__Work task__. Find the word "color" in the listing below, then return every line it appears in.

__Source information__.

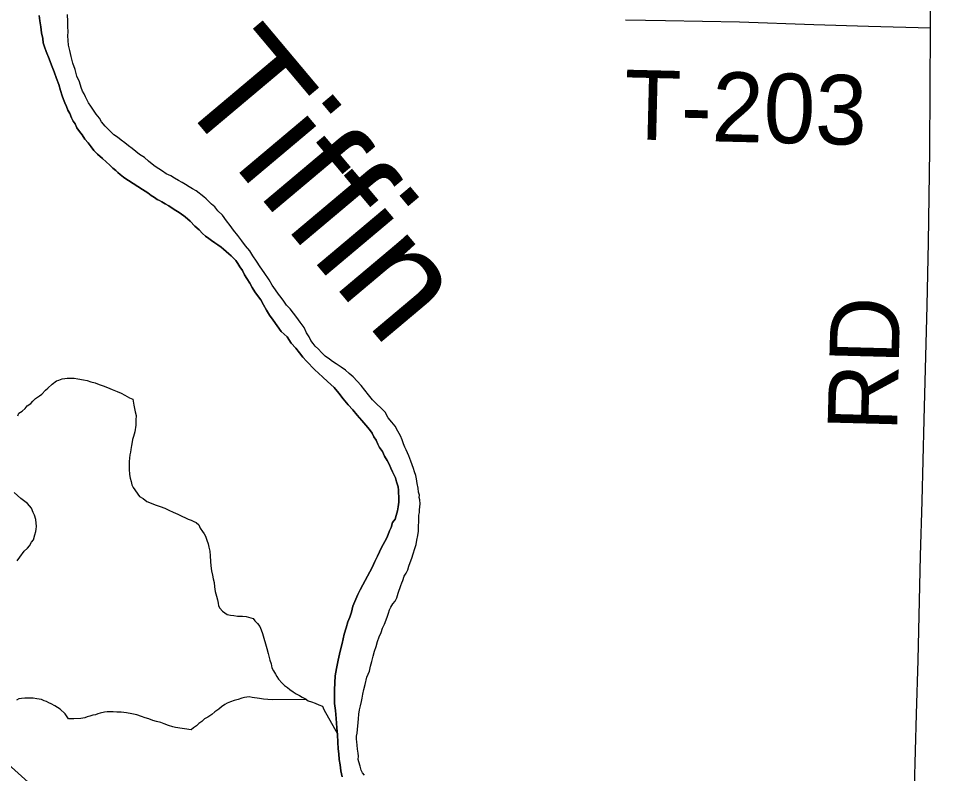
# Model space of a CAD drawing. Extents: x 2.1 to 73.9, y 4 to 26.
# Drawn here: x 47.8205 to 48.1962, y 24.0542 to 24.3627 of the extents above; entities that cross this region are included whole.
import ezdxf

# ---------------------------------------------------------------- set-up
doc = ezdxf.new("R2010")
doc.units = 0
for name, color, linetype in [('GM_X_County_Road', 7, 'Continuous'), ('GM_X_County_Road_Text', 7, 'Continuous'), ('GM_X_Major_River', 7, 'Continuous'), ('GM_X_Major_River_Text', 7, 'Continuous'), ('GM_X_Minor_River', 7, 'Continuous'), ('GM_X_State_Route', 7, 'Continuous'), ('GM_X_Township_Road', 7, 'Continuous'), ('GM_X_Township_Road_Text', 7, 'Continuous')]:
    doc.layers.add(name, color=color, linetype=linetype)

msp = doc.modelspace()

# ---------------------------------------------------------------- linework, layer by layer
at = {"layer": 'GM_X_County_Road'}
for points in [[(48.19325, 24.35883), (48.19329, 24.38494), (48.1935, 24.41821), (48.19357, 24.44027), (48.19356, 24.46205), (48.19359, 24.48068), (48.19358, 24.49156), (48.19371, 24.51674), (48.19388, 24.55155), (48.19407, 24.57673), (48.19423, 24.59599), (48.19435, 24.61584), (48.19457, 24.64257), (48.19491, 24.6777), (48.19507, 24.69386), (48.1954, 24.72618), (48.19554, 24.74546), (48.1958, 24.76317), (48.19622, 24.80171)], [(48.18678, 24.0485), (48.18765, 24.07851), (48.18821, 24.10057), (48.18883, 24.12481), (48.18921, 24.14315), (48.18984, 24.16551), (48.19072, 24.19876), (48.1919, 24.24538), (48.19247, 24.27117), (48.19307, 24.30878), (48.19325, 24.35883)]]:
    msp.add_lwpolyline(points, dxfattribs=at)
at = {"layer": 'GM_X_Major_River'}
for points in [[(47.82904, 24.36382), (47.82937, 24.36172), (47.82969, 24.35925), (47.83, 24.35677), (47.83052, 24.35448), (47.83066, 24.35277), (47.83119, 24.35104), (47.8319, 24.34913), (47.83316, 24.34625), (47.83404, 24.34357), (47.83511, 24.34088), (47.83618, 24.3382), (47.83707, 24.3357), (47.83777, 24.33322), (47.83848, 24.33111), (47.83901, 24.32958), (47.83954, 24.32824), (47.84026, 24.3267), (47.8408, 24.32517), (47.84152, 24.32382), (47.84224, 24.32209), (47.84296, 24.32075)], [(47.84296, 24.32075), (47.84224, 24.32209), (47.84152, 24.32382), (47.8408, 24.32517), (47.84026, 24.3267), (47.83954, 24.32824), (47.83901, 24.32958), (47.83848, 24.33111), (47.83777, 24.33322), (47.83707, 24.3357), (47.83618, 24.3382), (47.83511, 24.34088), (47.83404, 24.34357), (47.83316, 24.34625), (47.8319, 24.34913), (47.83119, 24.35104), (47.83066, 24.35277), (47.83052, 24.35448), (47.83, 24.35677), (47.82969, 24.35925), (47.82937, 24.36172), (47.82904, 24.36382)], [(47.94448, 24.22627), (47.94318, 24.22763), (47.94189, 24.2288), (47.94096, 24.22996), (47.94004, 24.23113), (47.93932, 24.23266), (47.93822, 24.23421), (47.93733, 24.23651), (47.93567, 24.23864), (47.93439, 24.24057), (47.93292, 24.24232), (47.93163, 24.24406), (47.93015, 24.24562), (47.92905, 24.24716), (47.92795, 24.24871), (47.92685, 24.25007), (47.92556, 24.25181), (47.92428, 24.25374), (47.923, 24.25586), (47.92099, 24.25895), (47.91934, 24.26127), (47.91788, 24.26359), (47.91641, 24.26571), (47.91514, 24.26783), (47.91329, 24.26978), (47.91182, 24.27191), (47.91017, 24.27404), (47.90851, 24.27617), (47.90704, 24.2781), (47.90557, 24.28004), (47.90392, 24.28236), (47.90206, 24.28412), (47.90077, 24.28567), (47.89947, 24.28684), (47.89817, 24.28801), (47.89725, 24.28898), (47.89632, 24.28977), (47.89315, 24.29232), (47.89165, 24.29311), (47.89034, 24.29391), (47.88885, 24.29489), (47.88754, 24.29569), (47.88604, 24.29648), (47.88435, 24.29748), (47.88286, 24.29846), (47.88098, 24.29927), (47.87949, 24.30026), (47.87799, 24.30125), (47.8765, 24.30223), (47.87519, 24.30322), (47.8737, 24.30439), (47.87203, 24.30595), (47.86997, 24.30715), (47.86848, 24.30832), (47.86699, 24.3095), (47.8655, 24.31068), (47.86401, 24.31185), (47.86252, 24.31303), (47.86103, 24.31421), (47.85954, 24.3152), (47.85824, 24.31656), (47.85713, 24.31754), (47.85602, 24.3187), (47.85454, 24.32045), (47.85363, 24.32199), (47.85234, 24.32354), (47.85124, 24.32528), (47.85014, 24.32683), (47.84923, 24.32818), (47.8485, 24.32953), (47.84796, 24.33068), (47.84742, 24.33183), (47.84669, 24.33299), (47.84616, 24.33452), (47.84546, 24.33682), (47.84438, 24.33913), (47.84368, 24.3418), (47.8428, 24.34448), (47.84211, 24.34716), (47.8416, 24.34964), (47.84108, 24.35174), (47.84094, 24.35364), (47.8408, 24.35555), (47.84084, 24.35725), (47.84071, 24.35935), (47.84076, 24.36143), (47.84064, 24.36428)], [(47.94448, 24.22627), (47.94318, 24.22763), (47.94189, 24.2288), (47.94096, 24.22996), (47.94004, 24.23113), (47.93932, 24.23266), (47.93822, 24.23421), (47.93733, 24.23651), (47.93567, 24.23864), (47.93439, 24.24057), (47.93292, 24.24232), (47.93163, 24.24406), (47.93015, 24.24562), (47.92905, 24.24716), (47.92795, 24.24871), (47.92685, 24.25007), (47.92556, 24.25181), (47.92428, 24.25374), (47.923, 24.25586), (47.92099, 24.25895), (47.91934, 24.26127), (47.91788, 24.26359), (47.91641, 24.26571), (47.91514, 24.26783), (47.91329, 24.26978), (47.91182, 24.27191), (47.91017, 24.27404), (47.90851, 24.27617), (47.90704, 24.2781), (47.90557, 24.28004), (47.90392, 24.28236), (47.90206, 24.28412), (47.90077, 24.28567), (47.89947, 24.28684), (47.89817, 24.28801), (47.89725, 24.28898), (47.89632, 24.28977), (47.89315, 24.29232), (47.89165, 24.29311), (47.89034, 24.29391), (47.88885, 24.29489), (47.88754, 24.29569), (47.88604, 24.29648), (47.88435, 24.29748), (47.88286, 24.29846), (47.88098, 24.29927), (47.87949, 24.30026), (47.87799, 24.30125), (47.8765, 24.30223), (47.87519, 24.30322), (47.8737, 24.30439), (47.87203, 24.30595), (47.86997, 24.30715), (47.86848, 24.30832), (47.86699, 24.3095), (47.8655, 24.31068), (47.86401, 24.31185), (47.86252, 24.31303), (47.86103, 24.31421), (47.85954, 24.3152), (47.85824, 24.31656), (47.85713, 24.31754), (47.85602, 24.3187), (47.85454, 24.32045), (47.85363, 24.32199), (47.85234, 24.32354), (47.85124, 24.32528), (47.85014, 24.32683), (47.84923, 24.32818), (47.8485, 24.32953), (47.84796, 24.33068), (47.84742, 24.33183), (47.84669, 24.33299), (47.84616, 24.33452), (47.84546, 24.33682), (47.84438, 24.33913), (47.84368, 24.3418), (47.8428, 24.34448), (47.84211, 24.34716), (47.8416, 24.34964), (47.84108, 24.35174), (47.84094, 24.35364), (47.8408, 24.35555), (47.84084, 24.35725), (47.84071, 24.35935), (47.84076, 24.36143), (47.84064, 24.36428)], [(47.84296, 24.32075), (47.84369, 24.31959), (47.84441, 24.31805), (47.84552, 24.3165), (47.84662, 24.31515), (47.84772, 24.31341), (47.84901, 24.31186), (47.8503, 24.3103), (47.8514, 24.30876), (47.85288, 24.3072), (47.85492, 24.30544), (47.85641, 24.30407), (47.85789, 24.30271), (47.85919, 24.30153), (47.86031, 24.30056), (47.86124, 24.29977), (47.86217, 24.29899), (47.86347, 24.29782), (47.8644, 24.29722), (47.86552, 24.29644), (47.87132, 24.29287), (47.87338, 24.29149), (47.87487, 24.29031), (47.87618, 24.28952), (47.8773, 24.28873), (47.87824, 24.28833), (47.87917, 24.28774), (47.88048, 24.28694), (47.88198, 24.28615), (47.88385, 24.28496), (47.88665, 24.28318), (47.8887, 24.28161), (47.89075, 24.27985), (47.8926, 24.2779), (47.89446, 24.27633), (47.89575, 24.27478), (47.89705, 24.2738), (47.89836, 24.27282), (47.89948, 24.27203), (47.90078, 24.27105), (47.90209, 24.27025), (47.9034, 24.26927), (47.90433, 24.26849), (47.90544, 24.26751), (47.90656, 24.26653), (47.90749, 24.26575), (47.90841, 24.26478), (47.90934, 24.2638), (47.91026, 24.26264), (47.91098, 24.26129), (47.91208, 24.25975), (47.91299, 24.25802), (47.9139, 24.25647), (47.91518, 24.25454), (47.91609, 24.25281), (47.91718, 24.25107), (47.91828, 24.24953), (47.91957, 24.24779), (47.92066, 24.24567), (47.92193, 24.24355), (47.92321, 24.24143), (47.92468, 24.23949), (47.92633, 24.23717), (47.92798, 24.23485), (47.9304, 24.2327), (47.93204, 24.23), (47.93389, 24.22806), (47.93536, 24.22612), (47.93683, 24.22437), (47.93831, 24.22263), (47.94164, 24.21912), (47.94313, 24.21776), (47.94499, 24.21619), (47.94684, 24.21444), (47.94963, 24.2119), (47.95147, 24.20957), (47.95331, 24.20725), (47.95534, 24.20492), (47.95718, 24.20278), (47.95903, 24.20065), (47.96087, 24.19851), (47.96253, 24.19657), (47.96401, 24.19482), (47.96511, 24.19328), (47.96583, 24.19174), (47.96675, 24.19039), (47.96747, 24.18885), (47.96819, 24.1875), (47.96929, 24.18577), (47.97019, 24.18385), (47.97129, 24.18211), (47.97201, 24.18057), (47.97273, 24.17904), (47.97345, 24.1775), (47.97399, 24.17635), (47.97472, 24.175), (47.97506, 24.17347), (47.97576, 24.17136), (47.97592, 24.17003), (47.9759, 24.16908), (47.97604, 24.16718)], [(47.97604, 24.16718), (47.9759, 24.16908), (47.97592, 24.17003), (47.97576, 24.17136), (47.97506, 24.17347), (47.97472, 24.175), (47.97399, 24.17635), (47.97345, 24.1775), (47.97273, 24.17904), (47.97201, 24.18057), (47.97129, 24.18211), (47.97019, 24.18385), (47.96929, 24.18577), (47.96819, 24.1875), (47.96747, 24.18885), (47.96675, 24.19039), (47.96583, 24.19174), (47.96511, 24.19328), (47.96401, 24.19482), (47.96253, 24.19657), (47.96087, 24.19851), (47.95903, 24.20065), (47.95718, 24.20278), (47.95534, 24.20492), (47.95331, 24.20725), (47.95147, 24.20957), (47.94963, 24.2119), (47.94684, 24.21444), (47.94499, 24.21619), (47.94313, 24.21776), (47.94164, 24.21912), (47.93831, 24.22263), (47.93683, 24.22437), (47.93536, 24.22612), (47.93389, 24.22806), (47.93204, 24.23), (47.9304, 24.2327), (47.92798, 24.23485), (47.92633, 24.23717), (47.92468, 24.23949), (47.92321, 24.24143), (47.92193, 24.24355), (47.92066, 24.24567), (47.91957, 24.24779), (47.91828, 24.24953), (47.91718, 24.25107), (47.91609, 24.25281), (47.91518, 24.25454), (47.9139, 24.25647), (47.91299, 24.25802), (47.91208, 24.25975), (47.91098, 24.26129), (47.91026, 24.26264), (47.90934, 24.2638), (47.90841, 24.26478), (47.90749, 24.26575), (47.90656, 24.26653), (47.90544, 24.26751), (47.90433, 24.26849), (47.9034, 24.26927), (47.90209, 24.27025), (47.90078, 24.27105), (47.89948, 24.27203), (47.89836, 24.27282), (47.89705, 24.2738), (47.89575, 24.27478), (47.89446, 24.27633), (47.8926, 24.2779), (47.89075, 24.27985), (47.8887, 24.28161), (47.88665, 24.28318), (47.88385, 24.28496), (47.88198, 24.28615), (47.88048, 24.28694), (47.87917, 24.28774), (47.87824, 24.28833), (47.8773, 24.28873), (47.87618, 24.28952), (47.87487, 24.29031), (47.87338, 24.29149), (47.87132, 24.29287), (47.86552, 24.29644), (47.8644, 24.29722), (47.86347, 24.29782), (47.86217, 24.29899), (47.86124, 24.29977), (47.86031, 24.30056), (47.85919, 24.30153), (47.85789, 24.30271), (47.85641, 24.30407), (47.85492, 24.30544), (47.85288, 24.3072), (47.8514, 24.30876), (47.8503, 24.3103), (47.84901, 24.31186), (47.84772, 24.31341), (47.84662, 24.31515), (47.84552, 24.3165), (47.84441, 24.31805), (47.84369, 24.31959), (47.84296, 24.32075)], [(47.95946, 24.05996), (47.9595, 24.06129), (47.95934, 24.06262), (47.95919, 24.06415), (47.95904, 24.06586), (47.95889, 24.06719), (47.95873, 24.06834), (47.95875, 24.06947), (47.95898, 24.0708), (47.95951, 24.07667), (47.95974, 24.07856), (47.95998, 24.08026), (47.9604, 24.08196), (47.96082, 24.08366), (47.96105, 24.08498), (47.96128, 24.08668), (47.96171, 24.08857), (47.96233, 24.09064), (47.96298, 24.09366), (47.96399, 24.09611), (47.96442, 24.09818), (47.96504, 24.10007), (47.96547, 24.10214), (47.96609, 24.10422), (47.96671, 24.1061), (47.96733, 24.10817), (47.96795, 24.11005), (47.96876, 24.11193), (47.96937, 24.11362), (47.97017, 24.11531), (47.97078, 24.11701), (47.97139, 24.11851), (47.9718, 24.11983), (47.97222, 24.12115), (47.97282, 24.12227), (47.97361, 24.12358), (47.97458, 24.12469), (47.97519, 24.12601), (47.97581, 24.12789), (47.97684, 24.13109), (47.97724, 24.13222), (47.97765, 24.13316), (47.97826, 24.13485), (47.97905, 24.13616), (47.97966, 24.13747), (47.98008, 24.13898), (47.98068, 24.14048), (47.9813, 24.14218), (47.98191, 24.14406), (47.98254, 24.14613), (47.98315, 24.14783), (47.98338, 24.14953), (47.98381, 24.15142), (47.98405, 24.15331), (47.9841, 24.15559), (47.98414, 24.15691), (47.98416, 24.15786), (47.98419, 24.15881), (47.98421, 24.15976), (47.98443, 24.16089), (47.98446, 24.16203), (47.98467, 24.16316), (47.98471, 24.16449), (47.98456, 24.16601), (47.98439, 24.16697), (47.98441, 24.16792), (47.98407, 24.16925), (47.98392, 24.17078), (47.98358, 24.17268), (47.98325, 24.17459), (47.98291, 24.17593), (47.98238, 24.17746), (47.98203, 24.1788), (47.9815, 24.18033), (47.98097, 24.18186), (47.98007, 24.18397), (47.97954, 24.18532), (47.97899, 24.18647), (47.97845, 24.18762), (47.97792, 24.18896), (47.97739, 24.1905), (47.97667, 24.19222), (47.97558, 24.19415), (47.97449, 24.19608), (47.9732, 24.19782), (47.97173, 24.19956), (47.97046, 24.20187), (47.96527, 24.20694), (47.96361, 24.20888), (47.96214, 24.21082), (47.96066, 24.21276), (47.959, 24.21451), (47.95733, 24.21626), (47.95566, 24.21763), (47.95417, 24.219), (47.95249, 24.22018), (47.95044, 24.22156), (47.94894, 24.22255), (47.94764, 24.22353), (47.94596, 24.22471), (47.94448, 24.22627)], [(47.95946, 24.05996), (47.9595, 24.06129), (47.95934, 24.06262), (47.95919, 24.06415), (47.95904, 24.06586), (47.95889, 24.06719), (47.95873, 24.06834), (47.95875, 24.06947), (47.95898, 24.0708), (47.95951, 24.07667), (47.95974, 24.07856), (47.95998, 24.08026), (47.9604, 24.08196), (47.96082, 24.08366), (47.96105, 24.08498), (47.96128, 24.08668), (47.96171, 24.08857), (47.96233, 24.09064), (47.96298, 24.09366), (47.96399, 24.09611), (47.96442, 24.09818), (47.96504, 24.10007), (47.96547, 24.10214), (47.96609, 24.10422), (47.96671, 24.1061), (47.96733, 24.10817), (47.96795, 24.11005), (47.96876, 24.11193), (47.96937, 24.11362), (47.97017, 24.11531), (47.97078, 24.11701), (47.97139, 24.11851), (47.9718, 24.11983), (47.97222, 24.12115), (47.97282, 24.12227), (47.97361, 24.12358), (47.97458, 24.12469), (47.97519, 24.12601), (47.97581, 24.12789), (47.97684, 24.13109), (47.97724, 24.13222), (47.97765, 24.13316), (47.97826, 24.13485), (47.97905, 24.13616), (47.97966, 24.13747), (47.98008, 24.13898), (47.98068, 24.14048), (47.9813, 24.14218), (47.98191, 24.14406), (47.98254, 24.14613), (47.98315, 24.14783), (47.98338, 24.14953), (47.98381, 24.15142), (47.98405, 24.15331), (47.9841, 24.15559), (47.98414, 24.15691), (47.98416, 24.15786), (47.98419, 24.15881), (47.98421, 24.15976), (47.98443, 24.16089), (47.98446, 24.16203), (47.98467, 24.16316), (47.98471, 24.16449), (47.98456, 24.16601), (47.98439, 24.16697), (47.98441, 24.16792), (47.98407, 24.16925), (47.98392, 24.17078), (47.98358, 24.17268), (47.98325, 24.17459), (47.98291, 24.17593), (47.98238, 24.17746), (47.98203, 24.1788), (47.9815, 24.18033), (47.98097, 24.18186), (47.98007, 24.18397), (47.97954, 24.18532), (47.97899, 24.18647), (47.97845, 24.18762), (47.97792, 24.18896), (47.97739, 24.1905), (47.97667, 24.19222), (47.97558, 24.19415), (47.97449, 24.19608), (47.9732, 24.19782), (47.97173, 24.19956), (47.97046, 24.20187), (47.96527, 24.20694), (47.96361, 24.20888), (47.96214, 24.21082), (47.96066, 24.21276), (47.959, 24.21451), (47.95733, 24.21626), (47.95566, 24.21763), (47.95417, 24.219), (47.95249, 24.22018), (47.95044, 24.22156), (47.94894, 24.22255), (47.94764, 24.22353), (47.94596, 24.22471), (47.94448, 24.22627)], [(47.97604, 24.16718), (47.97599, 24.16509), (47.97575, 24.1632), (47.97552, 24.1615), (47.9749, 24.15962), (47.97448, 24.15811), (47.9735, 24.1568), (47.97287, 24.15473), (47.97227, 24.15342), (47.97166, 24.15191), (47.97106, 24.1506), (47.97026, 24.1491), (47.96966, 24.14779), (47.96886, 24.14629), (47.96807, 24.14479), (47.96726, 24.1431), (47.96626, 24.14085), (47.96506, 24.13841), (47.96127, 24.1313), (47.96026, 24.12923), (47.95927, 24.12736), (47.95846, 24.12548), (47.95725, 24.12267), (47.95662, 24.12021), (47.956, 24.11814), (47.95519, 24.11626), (47.95456, 24.11381), (47.95373, 24.11118), (47.95288, 24.1074), (47.95203, 24.1042), (47.95118, 24.10061), (47.95053, 24.09721), (47.95007, 24.09418), (47.94981, 24.09134), (47.94974, 24.0885), (47.94967, 24.08565), (47.94978, 24.0828), (47.95009, 24.07995), (47.95039, 24.07671), (47.95067, 24.07291), (47.95098, 24.07005), (47.9511, 24.06701), (47.95122, 24.06435), (47.95154, 24.06225), (47.95168, 24.05997), (47.952, 24.05788), (47.95232, 24.0554), (47.95283, 24.05292)], [(47.95283, 24.05292), (47.95232, 24.0554), (47.952, 24.05788), (47.95168, 24.05997), (47.95154, 24.06225), (47.95122, 24.06435), (47.9511, 24.06701), (47.95098, 24.07005), (47.95067, 24.07291), (47.95039, 24.07671), (47.95009, 24.07995), (47.94978, 24.0828), (47.94967, 24.08565), (47.94974, 24.0885), (47.94981, 24.09134), (47.95007, 24.09418), (47.95053, 24.09721), (47.95118, 24.10061), (47.95203, 24.1042), (47.95288, 24.1074), (47.95373, 24.11118), (47.95456, 24.11381), (47.95519, 24.11626), (47.956, 24.11814), (47.95662, 24.12021), (47.95725, 24.12267), (47.95846, 24.12548), (47.95927, 24.12736), (47.96026, 24.12923), (47.96127, 24.1313), (47.96506, 24.13841), (47.96626, 24.14085), (47.96726, 24.1431), (47.96807, 24.14479), (47.96886, 24.14629), (47.96966, 24.14779), (47.97026, 24.1491), (47.97106, 24.1506), (47.97166, 24.15191), (47.97227, 24.15342), (47.97287, 24.15473), (47.9735, 24.1568), (47.97448, 24.15811), (47.9749, 24.15962), (47.97552, 24.1615), (47.97575, 24.1632), (47.97599, 24.16509), (47.97604, 24.16718)], [(47.96196, 24.05364), (47.96123, 24.0546), (47.96068, 24.05557), (47.96016, 24.05729), (47.95963, 24.05901), (47.95946, 24.05996)], [(47.96196, 24.05364), (47.96123, 24.0546), (47.96068, 24.05557), (47.96016, 24.05729), (47.95963, 24.05901), (47.95946, 24.05996)]]:
    msp.add_lwpolyline(points, dxfattribs=at)
at = {"layer": 'GM_X_Minor_River'}
for points in [[(47.82037, 24.20038), (47.82077, 24.20151), (47.82212, 24.20223), (47.82329, 24.20334), (47.82408, 24.20446), (47.82562, 24.20537), (47.8264, 24.2063), (47.82757, 24.20741), (47.82912, 24.20851), (47.83009, 24.20925), (47.83165, 24.21091), (47.83262, 24.21165), (47.83437, 24.21331), (47.83611, 24.2146), (47.83707, 24.21495), (47.83841, 24.21549), (47.83955, 24.21565), (47.84051, 24.21581), (47.84165, 24.21579), (47.84335, 24.21574), (47.84487, 24.21551), (47.84714, 24.21508), (47.84865, 24.21485), (47.85016, 24.21424), (47.85185, 24.21382), (47.85355, 24.2132), (47.85524, 24.21259), (47.85694, 24.21198), (47.85882, 24.21117), (47.86088, 24.21036), (47.86257, 24.20956), (47.86407, 24.20876), (47.86595, 24.20776), (47.86726, 24.20716), (47.86777, 24.20468), (47.86827, 24.20201), (47.86861, 24.20048), (47.86857, 24.19858), (47.86851, 24.1965), (47.86807, 24.19385)], [(47.86807, 24.19385), (47.86764, 24.19196), (47.86722, 24.19064), (47.86701, 24.1897), (47.86678, 24.18819), (47.86655, 24.18667), (47.86634, 24.18554), (47.86612, 24.18441), (47.86589, 24.18308), (47.86586, 24.18176), (47.86582, 24.18005), (47.86578, 24.17853), (47.86592, 24.17644), (47.86626, 24.17491), (47.8666, 24.17357), (47.86695, 24.17224), (47.86749, 24.17108), (47.87006, 24.16741), (47.87156, 24.16661), (47.87305, 24.16544), (47.87474, 24.16463), (47.87643, 24.16402), (47.8785, 24.1634), (47.88038, 24.16259), (47.88207, 24.16179), (47.88376, 24.16099), (47.88564, 24.16018), (47.88733, 24.15938), (47.88883, 24.15877), (47.88996, 24.15817), (47.89109, 24.15776), (47.89221, 24.15716), (47.89315, 24.15676), (47.89427, 24.15578), (47.8948, 24.15444), (47.89572, 24.15309), (47.89645, 24.15212), (47.897, 24.15116), (47.89753, 24.14962), (47.89806, 24.14809), (47.89841, 24.14675), (47.89874, 24.14504), (47.89889, 24.14314), (47.89902, 24.14085), (47.89916, 24.13914), (47.89949, 24.13705), (47.89983, 24.13533), (47.90017, 24.1338), (47.90051, 24.13227), (47.90066, 24.13056), (47.90099, 24.12865), (47.90151, 24.12674), (47.90185, 24.12521), (47.9022, 24.12388), (47.90236, 24.12273), (47.90291, 24.12177), (47.90401, 24.1206), (47.90588, 24.11923), (47.9072, 24.119), (47.90853, 24.11878), (47.91004, 24.11855), (47.91213, 24.1185), (47.91365, 24.11846), (47.91648, 24.11763), (47.91721, 24.11666), (47.91832, 24.11549), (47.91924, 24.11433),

__Written solution__.
for name, color, linetype in [('GM_X_County_Road', 7, 'Continuous'), ('GM_X_County_Road_Text', 7, 'Continuous'), ('GM_X_Major_River', 7, 'Continuous'), ('GM_X_Major_River_Text', 7, 'Continuous'), ('GM_X_Minor_River', 7, 'Continuous'), ('GM_X_State_Route', 7, 'Continuous'), ('GM_X_Township_Road', 7, 'Continuous'), ('GM_X_Township_Road_Text', 7, 'Continuous')]:
    doc.layers.add(name, color=color, linetype=linetype)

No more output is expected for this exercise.